[[ GIVEN RECORDS open ]]
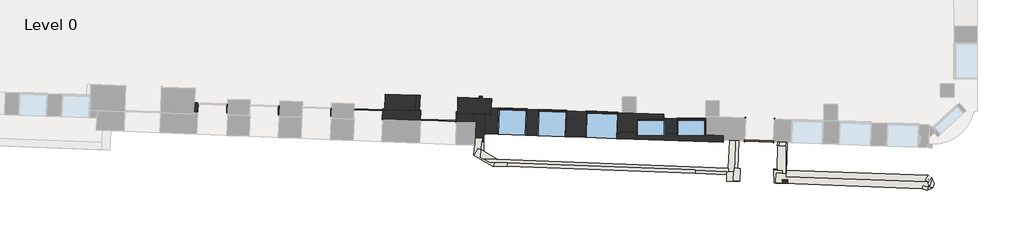
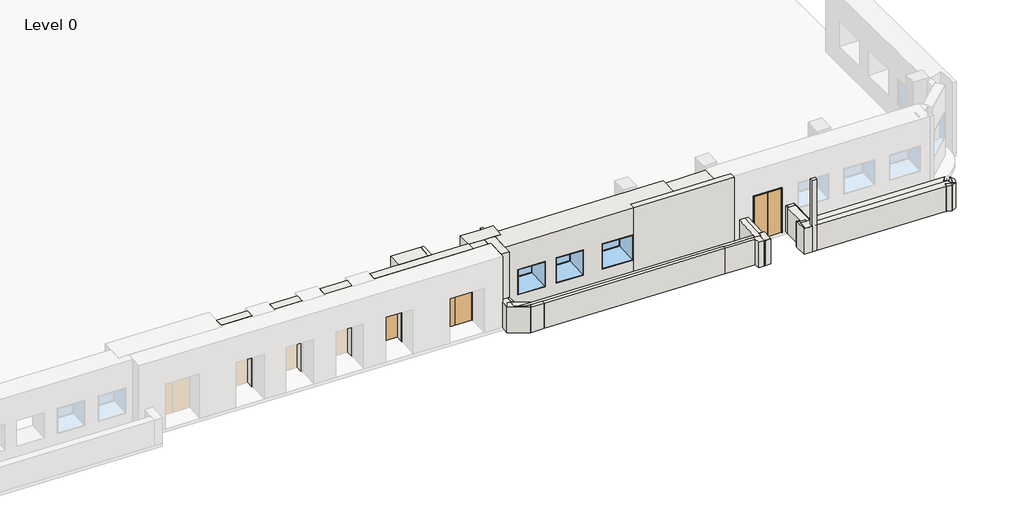
# One storey, part 2 of 9: 37 walls, 5 windows, 3 doors.
"""IFC4 building model written with IfcOpenShell, lengths in millimetres."""

import ifcopenshell
import ifcopenshell.guid

model = None  # the IFC model being written
_history = None  # IfcOwnerHistory: only IFC2X3 demands one
_inside = {}  # id of a spatial element -> (the spatial element, [elements in it])
_under = {}  # id of a project, library or spatial element -> (it, [spatial elements below it])
_declared = {}  # id of a project -> (the project, [libraries it declares])
_typed = {}  # id of a type object -> (the type object, [elements of that type])
_made_of = {}  # id of a material, layer set ... -> (it, [elements and type objects made of it])


def new_model(schema):
    """Start an empty IFC model of exactly this schema.

    Asked for "IFC4X3", IfcOpenShell would pick the latest addendum, in which some entities
    have other attributes; the version numbers below select the first issue.
    IFC2X3 requires an IfcOwnerHistory on every rooted entity: one is made here for all.
    """
    global model, _history
    if schema == "IFC4X3":
        model = ifcopenshell.file(schema_version=(4, 3, 0, 0))
    else:
        model = ifcopenshell.file(schema=schema)
    _inside.clear()
    _under.clear()
    _declared.clear()
    _typed.clear()
    _made_of.clear()
    _history = None
    if model.schema == "IFC2X3":
        org = make("IfcOrganization", Name="unknown")
        user = make(
            "IfcPersonAndOrganization",
            ThePerson=make("IfcPerson", FamilyName="unknown"),
            TheOrganization=org,
        )
        app = make(
            "IfcApplication",
            ApplicationDeveloper=org,
            Version="unknown",
            ApplicationFullName="unknown",
            ApplicationIdentifier="unknown",
        )
        _history = make(
            "IfcOwnerHistory",
            OwningUser=user,
            OwningApplication=app,
            ChangeAction="ADDED",
            CreationDate=0,
        )
    return model


def make(cls, **values):
    """One entity of the class cls with the attributes given. An attribute that is None is left unset."""
    return model.create_entity(
        cls, **{name: value for name, value in values.items() if value is not None}
    )


def rooted(cls, **values):
    """An entity with a GlobalId (a new one), such as an element, a storey or a relation."""
    return make(cls, GlobalId=ifcopenshell.guid.new(), OwnerHistory=_history, **values)


def si_unit(unit_type, name, prefix=None):
    """IfcSIUnit, for example si_unit("LENGTHUNIT", "METRE", prefix="MILLI")."""
    return make("IfcSIUnit", UnitType=unit_type, Prefix=prefix, Name=name)


def assignment(units):
    """IfcUnitAssignment: the units of a project."""
    return None if units is None else make("IfcUnitAssignment", Units=units)


def point(xyz):
    """IfcCartesianPoint."""
    return None if xyz is None else make("IfcCartesianPoint", Coordinates=xyz)


def direction(xyz):
    """IfcDirection."""
    return None if xyz is None else make("IfcDirection", DirectionRatios=xyz)


def frame(location, z_axis=None, x_axis=None):
    """IfcAxis2Placement3D, a coordinate frame: its origin and axes. An axis left out is left unset."""
    return make(
        "IfcAxis2Placement3D",
        Location=point(location),
        Axis=direction(z_axis),
        RefDirection=direction(x_axis),
    )


def origin():
    """The frame at (0, 0, 0) with its axes left unset."""
    return frame((0.0, 0.0, 0.0))


def origin_with_axes():
    """The frame at (0, 0, 0) with the z axis (0, 0, 1) and the x axis (1, 0, 0) written out."""
    return frame((0.0, 0.0, 0.0), z_axis=(0.0, 0.0, 1.0), x_axis=(1.0, 0.0, 0.0))


def place(relative_to, where):
    """IfcLocalPlacement: puts the frame where relative to a parent placement (None: the world)."""
    return make(
        "IfcLocalPlacement", PlacementRelTo=relative_to, RelativePlacement=where
    )


def context(
    kind, dimensions, precision=None, world=None, true_north=None, identifier=None
):
    """IfcGeometricRepresentationContext, for example the 3D "Model" context."""
    return make(
        "IfcGeometricRepresentationContext",
        ContextIdentifier=identifier,
        ContextType=kind,
        CoordinateSpaceDimension=dimensions,
        Precision=precision,
        WorldCoordinateSystem=world,
        TrueNorth=true_north,
    )


def project(units=None, contexts=None):
    """IfcProject with its units and contexts."""
    return rooted(
        "IfcProject",
        Name="project",
        RepresentationContexts=contexts,
        UnitsInContext=assignment(units),
    )


def spatial(cls, under=None, at=None, **own):
    """A site, building, storey or space (cls), placed at a placement, below another one or the project."""
    s = rooted(cls, ObjectPlacement=at, **own)
    if under is not None:
        _under.setdefault(under.id(), (under, []))[1].append(s)
    return s


def polyline(points):
    """IfcPolyline through the points."""
    return make("IfcPolyline", Points=[point(p) for p in points])


def outline(outer, holes=None, kind="AREA"):
    """IfcArbitraryClosedProfileDef: a profile drawn as a closed curve; with holes, ...WithVoids."""
    if holes is None:
        return make("IfcArbitraryClosedProfileDef", ProfileType=kind, OuterCurve=outer)
    return make(
        "IfcArbitraryProfileDefWithVoids",
        ProfileType=kind,
        OuterCurve=outer,
        InnerCurves=holes,
    )


def extrude(swept, where, along, depth):
    """IfcExtrudedAreaSolid: the profile swept, set in the frame where, extruded along a direction by depth."""
    return make(
        "IfcExtrudedAreaSolid",
        SweptArea=swept,
        Position=where,
        ExtrudedDirection=direction(along),
        Depth=depth,
    )


def faces_of(points, faces, orient=None, outer=None):
    """IfcFace entities. A face is a list of loops; a loop is a list of indices into points, from 0.

    orient and outer hold one flag for each loop. By default every Orientation is true, the
    first loop of a face is its IfcFaceOuterBound and the others are IfcFaceBound.
    """
    made = []
    for i, loops in enumerate(faces):
        bounds = []
        for j, loop in enumerate(loops):
            is_outer = j == 0 if outer is None else outer[i][j]
            bounds.append(
                make(
                    "IfcFaceOuterBound" if is_outer else "IfcFaceBound",
                    Bound=make("IfcPolyLoop", Polygon=[points[k] for k in loop]),
                    Orientation=True if orient is None else orient[i][j],
                )
            )
        made.append(make("IfcFace", Bounds=bounds))
    return made


def faceted_brep(points, faces, orient=None, outer=None, voids=None):
    """IfcFacetedBrep: a solid bounded by flat faces; with voids (closed shells), ...WithVoids."""
    shared = [point(p) for p in points]
    hull = make("IfcClosedShell", CfsFaces=faces_of(shared, faces, orient, outer))
    if voids is None:
        return make("IfcFacetedBrep", Outer=hull)
    return make(
        "IfcFacetedBrepWithVoids",
        Outer=hull,
        Voids=[
            make(cls, CfsFaces=faces_of(shared, fs, o, b)) for cls, fs, o, b in voids
        ],
    )


def shape(context_of_items, identifier, shape_type, items):
    """IfcShapeRepresentation: the items that make up one representation, for example the "Body"."""
    return make(
        "IfcShapeRepresentation",
        ContextOfItems=context_of_items,
        RepresentationIdentifier=identifier,
        RepresentationType=shape_type,
        Items=items,
    )


def source(mapping_origin, context_of_items, identifier, shape_type, items):
    """IfcRepresentationMap: a shape defined once, which mapped items show again and again."""
    return make(
        "IfcRepresentationMap",
        MappingOrigin=mapping_origin,
        MappedRepresentation=shape(context_of_items, identifier, shape_type, items),
    )


def transform(
    local_origin,
    x_axis=None,
    y_axis=None,
    z_axis=None,
    scale=None,
    scale2=None,
    scale3=None,
    uniform=True,
):
    """IfcCartesianTransformationOperator3D, or its non-uniform kind. x_axis, y_axis, z_axis: its Axis1, 2, 3."""
    if uniform:
        return make(
            "IfcCartesianTransformationOperator3D",
            Axis1=direction(x_axis),
            Axis2=direction(y_axis),
            LocalOrigin=point(local_origin),
            Scale=scale,
            Axis3=direction(z_axis),
        )
    return make(
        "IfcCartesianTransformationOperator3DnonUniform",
[[ GIVEN RECORDS closed ]]
Leave out the pictures. Transcribe the rest of the listing above exactly.

# One storey, part 2 of 9: 37 walls, 5 windows, 3 doors.
"""IFC4 building model written with IfcOpenShell, lengths in millimetres."""

import ifcopenshell
import ifcopenshell.guid

model = None  # the IFC model being written
_history = None  # IfcOwnerHistory: only IFC2X3 demands one
_inside = {}  # id of a spatial element -> (the spatial element, [elements in it])
_under = {}  # id of a project, library or spatial element -> (it, [spatial elements below it])
_declared = {}  # id of a project -> (the project, [libraries it declares])
_typed = {}  # id of a type object -> (the type object, [elements of that type])
_made_of = {}  # id of a material, layer set ... -> (it, [elements and type objects made of it])


def new_model(schema):
    """Start an empty IFC model of exactly this schema.

    Asked for "IFC4X3", IfcOpenShell would pick the latest addendum, in which some entities
    have other attributes; the version numbers below select the first issue.
    IFC2X3 requires an IfcOwnerHistory on every rooted entity: one is made here for all.
    """
    global model, _history
    if schema == "IFC4X3":
        model = ifcopenshell.file(schema_version=(4, 3, 0, 0))
    else:
        model = ifcopenshell.file(schema=schema)
    _inside.clear()
    _under.clear()
    _declared.clear()
    _typed.clear()
    _made_of.clear()
    _history = None
    if model.schema == "IFC2X3":
        org = make("IfcOrganization", Name="unknown")
        user = make(
            "IfcPersonAndOrganization",
            ThePerson=make("IfcPerson", FamilyName="unknown"),
            TheOrganization=org,
        )
        app = make(
            "IfcApplication",
            ApplicationDeveloper=org,
            Version="unknown",
            ApplicationFullName="unknown",
            ApplicationIdentifier="unknown",
        )
        _history = make(
            "IfcOwnerHistory",
            OwningUser=user,
            OwningApplication=app,
            ChangeAction="ADDED",
            CreationDate=0,
        )
    return model


def make(cls, **values):
    """One entity of the class cls with the attributes given. An attribute that is None is left unset."""
    return model.create_entity(
        cls, **{name: value for name, value in values.items() if value is not None}
    )


def rooted(cls, **values):
    """An entity with a GlobalId (a new one), such as an element, a storey or a relation."""
    return make(cls, GlobalId=ifcopenshell.guid.new(), OwnerHistory=_history, **values)


def si_unit(unit_type, name, prefix=None):
    """IfcSIUnit, for example si_unit("LENGTHUNIT", "METRE", prefix="MILLI")."""
    return make("IfcSIUnit", UnitType=unit_type, Prefix=prefix, Name=name)


def assignment(units):
    """IfcUnitAssignment: the units of a project."""
    return None if units is None else make("IfcUnitAssignment", Units=units)


def point(xyz):
    """IfcCartesianPoint."""
    return None if xyz is None else make("IfcCartesianPoint", Coordinates=xyz)


def direction(xyz):
    """IfcDirection."""
    return None if xyz is None else make("IfcDirection", DirectionRatios=xyz)


def frame(location, z_axis=None, x_axis=None):
    """IfcAxis2Placement3D, a coordinate frame: its origin and axes. An axis left out is left unset."""
    return make(
        "IfcAxis2Placement3D",
        Location=point(location),
        Axis=direction(z_axis),
        RefDirection=direction(x_axis),
    )


def origin():
    """The frame at (0, 0, 0) with its axes left unset."""
    return frame((0.0, 0.0, 0.0))


def origin_with_axes():
    """The frame at (0, 0, 0) with the z axis (0, 0, 1) and the x axis (1, 0, 0) written out."""
    return frame((0.0, 0.0, 0.0), z_axis=(0.0, 0.0, 1.0), x_axis=(1.0, 0.0, 0.0))


def place(relative_to, where):
    """IfcLocalPlacement: puts the frame where relative to a parent placement (None: the world)."""
    return make(
        "IfcLocalPlacement", PlacementRelTo=relative_to, RelativePlacement=where
    )


def context(
    kind, dimensions, precision=None, world=None, true_north=None, identifier=None
):
    """IfcGeometricRepresentationContext, for example the 3D "Model" context."""
    return make(
        "IfcGeometricRepresentationContext",
        ContextIdentifier=identifier,
        ContextType=kind,
        CoordinateSpaceDimension=dimensions,
        Precision=precision,
        WorldCoordinateSystem=world,
        TrueNorth=true_north,
    )


def project(units=None, contexts=None):
    """IfcProject with its units and contexts."""
    return rooted(
        "IfcProject",
        Name="project",
        RepresentationContexts=contexts,
        UnitsInContext=assignment(units),
    )


def spatial(cls, under=None, at=None, **own):
    """A site, building, storey or space (cls), placed at a placement, below another one or the project."""
    s = rooted(cls, ObjectPlacement=at, **own)
    if under is not None:
        _under.setdefault(under.id(), (under, []))[1].append(s)
    return s


def polyline(points):
    """IfcPolyline through the points."""
    return make("IfcPolyline", Points=[point(p) for p in points])


def outline(outer, holes=None, kind="AREA"):
    """IfcArbitraryClosedProfileDef: a profile drawn as a closed curve; with holes, ...WithVoids."""
    if holes is None:
        return make("IfcArbitraryClosedProfileDef", ProfileType=kind, OuterCurve=outer)
    return make(
        "IfcArbitraryProfileDefWithVoids",
        ProfileType=kind,
        OuterCurve=outer,
        InnerCurves=holes,
    )


def extrude(swept, where, along, depth):
    """IfcExtrudedAreaSolid: the profile swept, set in the frame where, extruded along a direction by depth."""
    return make(
        "IfcExtrudedAreaSolid",
        SweptArea=swept,
        Position=where,
        ExtrudedDirection=direction(along),
        Depth=depth,
    )


def faces_of(points, faces, orient=None, outer=None):
    """IfcFace entities. A face is a list of loops; a loop is a list of indices into points, from 0.

    orient and outer hold one flag for each loop. By default every Orientation is true, the
    first loop of a face is its IfcFaceOuterBound and the others are IfcFaceBound.
    """
    made = []
    for i, loops in enumerate(faces):
        bounds = []
        for j, loop in enumerate(loops):
            is_outer = j == 0 if outer is None else outer[i][j]
            bounds.append(
                make(
                    "IfcFaceOuterBound" if is_outer else "IfcFaceBound",
                    Bound=make("IfcPolyLoop", Polygon=[points[k] for k in loop]),
                    Orientation=True if orient is None else orient[i][j],
                )
            )
        made.append(make("IfcFace", Bounds=bounds))
    return made


def faceted_brep(points, faces, orient=None, outer=None, voids=None):
    """IfcFacetedBrep: a solid bounded by flat faces; with voids (closed shells), ...WithVoids."""
    shared = [point(p) for p in points]
    hull = make("IfcClosedShell", CfsFaces=faces_of(shared, faces, orient, outer))
    if voids is None:
        return make("IfcFacetedBrep", Outer=hull)
    return make(
        "IfcFacetedBrepWithVoids",
        Outer=hull,
        Voids=[
            make(cls, CfsFaces=faces_of(shared, fs, o, b)) for cls, fs, o, b in voids
        ],
    )


def shape(context_of_items, identifier, shape_type, items):
    """IfcShapeRepresentation: the items that make up one representation, for example the "Body"."""
    return make(
        "IfcShapeRepresentation",
        ContextOfItems=context_of_items,
        RepresentationIdentifier=identifier,
        RepresentationType=shape_type,
        Items=items,
    )


def source(mapping_origin, context_of_items, identifier, shape_type, items):
    """IfcRepresentationMap: a shape defined once, which mapped items show again and again."""
    return make(
        "IfcRepresentationMap",
        MappingOrigin=mapping_origin,
        MappedRepresentation=shape(context_of_items, identifier, shape_type, items),
    )


def transform(
    local_origin,
    x_axis=None,
    y_axis=None,
    z_axis=None,
    scale=None,
    scale2=None,
    scale3=None,
    uniform=True,
):
    """IfcCartesianTransformationOperator3D, or its non-uniform kind. x_axis, y_axis, z_axis: its Axis1, 2, 3."""
    if uniform:
        return make(
            "IfcCartesianTransformationOperator3D",
            Axis1=direction(x_axis),
            Axis2=direction(y_axis),
            LocalOrigin=point(local_origin),
            Scale=scale,
            Axis3=direction(z_axis),
        )
    return make(
        "IfcCartesianTransformationOperator3DnonUniform",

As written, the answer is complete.